▸ WHAT TO WORK ON
The whole listing below needs to be duplicated exactly, pictures aside.

▸ SOURCE MATERIAL
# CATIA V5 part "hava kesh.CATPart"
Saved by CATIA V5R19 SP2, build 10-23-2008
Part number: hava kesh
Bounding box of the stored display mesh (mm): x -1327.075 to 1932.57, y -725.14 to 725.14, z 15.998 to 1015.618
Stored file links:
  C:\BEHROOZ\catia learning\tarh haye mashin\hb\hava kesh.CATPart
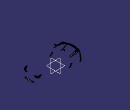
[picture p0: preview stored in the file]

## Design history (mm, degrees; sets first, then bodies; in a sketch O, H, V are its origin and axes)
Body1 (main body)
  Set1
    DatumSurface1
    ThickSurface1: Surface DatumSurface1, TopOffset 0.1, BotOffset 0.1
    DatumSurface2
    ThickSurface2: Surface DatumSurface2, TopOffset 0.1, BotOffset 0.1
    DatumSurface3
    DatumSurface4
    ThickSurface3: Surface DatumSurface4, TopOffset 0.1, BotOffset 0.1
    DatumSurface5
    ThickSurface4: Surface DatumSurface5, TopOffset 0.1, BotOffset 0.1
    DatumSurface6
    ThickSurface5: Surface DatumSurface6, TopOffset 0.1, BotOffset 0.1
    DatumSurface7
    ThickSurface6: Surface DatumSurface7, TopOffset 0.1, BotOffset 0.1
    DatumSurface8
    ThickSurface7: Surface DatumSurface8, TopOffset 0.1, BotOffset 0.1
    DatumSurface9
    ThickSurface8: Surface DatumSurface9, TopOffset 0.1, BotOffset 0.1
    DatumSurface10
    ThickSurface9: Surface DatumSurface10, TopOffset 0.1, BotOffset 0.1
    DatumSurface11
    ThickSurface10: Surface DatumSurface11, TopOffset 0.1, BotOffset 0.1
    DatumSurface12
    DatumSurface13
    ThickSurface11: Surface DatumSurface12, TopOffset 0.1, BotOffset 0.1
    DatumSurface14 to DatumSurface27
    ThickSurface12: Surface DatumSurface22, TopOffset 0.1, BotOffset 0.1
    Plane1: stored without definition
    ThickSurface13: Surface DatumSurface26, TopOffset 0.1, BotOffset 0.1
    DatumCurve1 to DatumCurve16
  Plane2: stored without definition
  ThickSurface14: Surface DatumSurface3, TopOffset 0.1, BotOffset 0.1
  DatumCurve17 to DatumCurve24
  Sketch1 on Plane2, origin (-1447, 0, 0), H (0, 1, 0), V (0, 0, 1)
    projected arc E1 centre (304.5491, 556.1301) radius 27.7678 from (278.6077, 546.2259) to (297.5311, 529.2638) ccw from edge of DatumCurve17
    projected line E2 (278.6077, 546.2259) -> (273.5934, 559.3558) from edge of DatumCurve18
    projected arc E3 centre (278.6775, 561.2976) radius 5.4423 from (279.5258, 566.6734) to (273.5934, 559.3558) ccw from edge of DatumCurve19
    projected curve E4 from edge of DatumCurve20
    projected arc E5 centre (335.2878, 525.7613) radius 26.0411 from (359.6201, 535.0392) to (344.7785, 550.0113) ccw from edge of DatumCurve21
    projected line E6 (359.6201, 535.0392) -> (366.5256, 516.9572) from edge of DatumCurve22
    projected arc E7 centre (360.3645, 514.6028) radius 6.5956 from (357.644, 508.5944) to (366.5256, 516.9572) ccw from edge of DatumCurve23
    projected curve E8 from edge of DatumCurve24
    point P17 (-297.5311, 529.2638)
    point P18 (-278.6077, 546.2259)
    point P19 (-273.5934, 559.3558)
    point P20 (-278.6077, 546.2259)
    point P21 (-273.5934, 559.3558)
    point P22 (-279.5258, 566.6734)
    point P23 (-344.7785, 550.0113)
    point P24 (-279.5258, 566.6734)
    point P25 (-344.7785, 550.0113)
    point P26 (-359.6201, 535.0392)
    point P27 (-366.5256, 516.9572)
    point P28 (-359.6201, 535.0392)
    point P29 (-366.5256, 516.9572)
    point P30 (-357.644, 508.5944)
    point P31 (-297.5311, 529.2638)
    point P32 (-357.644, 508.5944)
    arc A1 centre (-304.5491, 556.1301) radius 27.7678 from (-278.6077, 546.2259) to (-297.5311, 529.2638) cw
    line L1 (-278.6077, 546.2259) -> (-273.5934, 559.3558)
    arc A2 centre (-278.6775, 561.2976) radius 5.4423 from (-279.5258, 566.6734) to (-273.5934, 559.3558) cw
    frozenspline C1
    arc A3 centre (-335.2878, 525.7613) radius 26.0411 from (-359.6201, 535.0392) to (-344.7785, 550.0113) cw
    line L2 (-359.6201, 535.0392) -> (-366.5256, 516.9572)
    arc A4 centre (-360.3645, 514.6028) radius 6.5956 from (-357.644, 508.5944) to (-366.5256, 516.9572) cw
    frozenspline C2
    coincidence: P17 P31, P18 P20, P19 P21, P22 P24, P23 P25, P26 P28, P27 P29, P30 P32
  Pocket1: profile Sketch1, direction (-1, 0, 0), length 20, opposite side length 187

▸ ANSWER BOX
# CATIA V5 part "hava kesh.CATPart"
Saved by CATIA V5R19 SP2, build 10-23-2008
Part number: hava kesh
Bounding box of the stored display mesh (mm): x -1327.075 to 1932.57, y -725.14 to 725.14, z 15.998 to 1015.618
Stored file links:
  C:\BEHROOZ\catia learning\tarh haye mashin\hb\hava kesh.CATPart
[picture p0: preview stored in the file]

## Design history (mm, degrees; sets first, then bodies; in a sketch O, H, V are its origin and axes)
Body1 (main body)
  Set1
    DatumSurface1
    ThickSurface1: Surface DatumSurface1, TopOffset 0.1, BotOffset 0.1
    DatumSurface2
    ThickSurface2: Surface DatumSurface2, TopOffset 0.1, BotOffset 0.1
    DatumSurface3
    DatumSurface4
    ThickSurface3: Surface DatumSurface4, TopOffset 0.1, BotOffset 0.1
    DatumSurface5
    ThickSurface4: Surface DatumSurface5, TopOffset 0.1, BotOffset 0.1
    DatumSurface6
    ThickSurface5: Surface DatumSurface6, TopOffset 0.1, BotOffset 0.1
    DatumSurface7
    ThickSurface6: Surface DatumSurface7, TopOffset 0.1, BotOffset 0.1
    DatumSurface8
    ThickSurface7: Surface DatumSurface8, TopOffset 0.1, BotOffset 0.1
    DatumSurface9
    ThickSurface8: Surface DatumSurface9, TopOffset 0.1, BotOffset 0.1
    DatumSurface10
    ThickSurface9: Surface DatumSurface10, TopOffset 0.1, BotOffset 0.1
    DatumSurface11
    ThickSurface10: Surface DatumSurface11, TopOffset 0.1, BotOffset 0.1
    DatumSurface12
    DatumSurface13
    ThickSurface11: Surface DatumSurface12, TopOffset 0.1, BotOffset 0.1
    DatumSurface14 to DatumSurface27
    ThickSurface12: Surface DatumSurface22, TopOffset 0.1, BotOffset 0.1
    Plane1: stored without definition
    ThickSurface13: Surface DatumSurface26, TopOffset 0.1, BotOffset 0.1
    DatumCurve1 to DatumCurve16
  Plane2: stored without definition
  ThickSurface14: Surface DatumSurface3, TopOffset 0.1, BotOffset 0.1
  DatumCurve17 to DatumCurve24
  Sketch1 on Plane2, origin (-1447, 0, 0), H (0, 1, 0), V (0, 0, 1)
    projected arc E1 centre (304.5491, 556.1301) radius 27.7678 from (278.6077, 546.2259) to (297.5311, 529.2638) ccw from edge of DatumCurve17
    projected line E2 (278.6077, 546.2259) -> (273.5934, 559.3558) from edge of DatumCurve18
    projected arc E3 centre (278.6775, 561.2976) radius 5.4423 from (279.5258, 566.6734) to (273.5934, 559.3558) ccw from edge of DatumCurve19
    projected curve E4 from edge of DatumCurve20
    projected arc E5 centre (335.2878, 525.7613) radius 26.0411 from (359.6201, 535.0392) to (344.7785, 550.0113) ccw from edge of DatumCurve21
    projected line E6 (359.6201, 535.0392) -> (366.5256, 516.9572) from edge of DatumCurve22
    projected arc E7 centre (360.3645, 514.6028) radius 6.5956 from (357.644, 508.5944) to (366.5256, 516.9572) ccw from edge of DatumCurve23
    projected curve E8 from edge of DatumCurve24
    point P17 (-297.5311, 529.2638)
    point P18 (-278.6077, 546.2259)
    point P19 (-273.5934, 559.3558)
    point P20 (-278.6077, 546.2259)
    point P21 (-273.5934, 559.3558)
    point P22 (-279.5258, 566.6734)
    point P23 (-344.7785, 550.0113)
    point P24 (-279.5258, 566.6734)
    point P25 (-344.7785, 550.0113)
    point P26 (-359.6201, 535.0392)
    point P27 (-366.5256, 516.9572)
    point P28 (-359.6201, 535.0392)
    point P29 (-366.5256, 516.9572)
    point P30 (-357.644, 508.5944)
    point P31 (-297.5311, 529.2638)
    point P32 (-357.644, 508.5944)
    arc A1 centre (-304.5491, 556.1301) radius 27.7678 from (-278.6077, 546.2259) to (-297.5311, 529.2638) cw
    line L1 (-278.6077, 546.2259) -> (-273.5934, 559.3558)
    arc A2 centre (-278.6775, 561.2976) radius 5.4423 from (-279.5258, 566.6734) to (-273.5934, 559.3558) cw
    frozenspline C1
    arc A3 centre (-335.2878, 525.7613) radius 26.0411 from (-359.6201, 535.0392) to (-344.7785, 550.0113) cw
    line L2 (-359.6201, 535.0392) -> (-366.5256, 516.9572)
    arc A4 centre (-360.3645, 514.6028) radius 6.5956 from (-357.644, 508.5944) to (-366.5256, 516.9572) cw
    frozenspline C2
    coincidence: P17 P31, P18 P20, P19 P21, P22 P24, P23 P25, P26 P28, P27 P29, P30 P32
  Pocket1: profile Sketch1, direction (-1, 0, 0), length 20, opposite side length 187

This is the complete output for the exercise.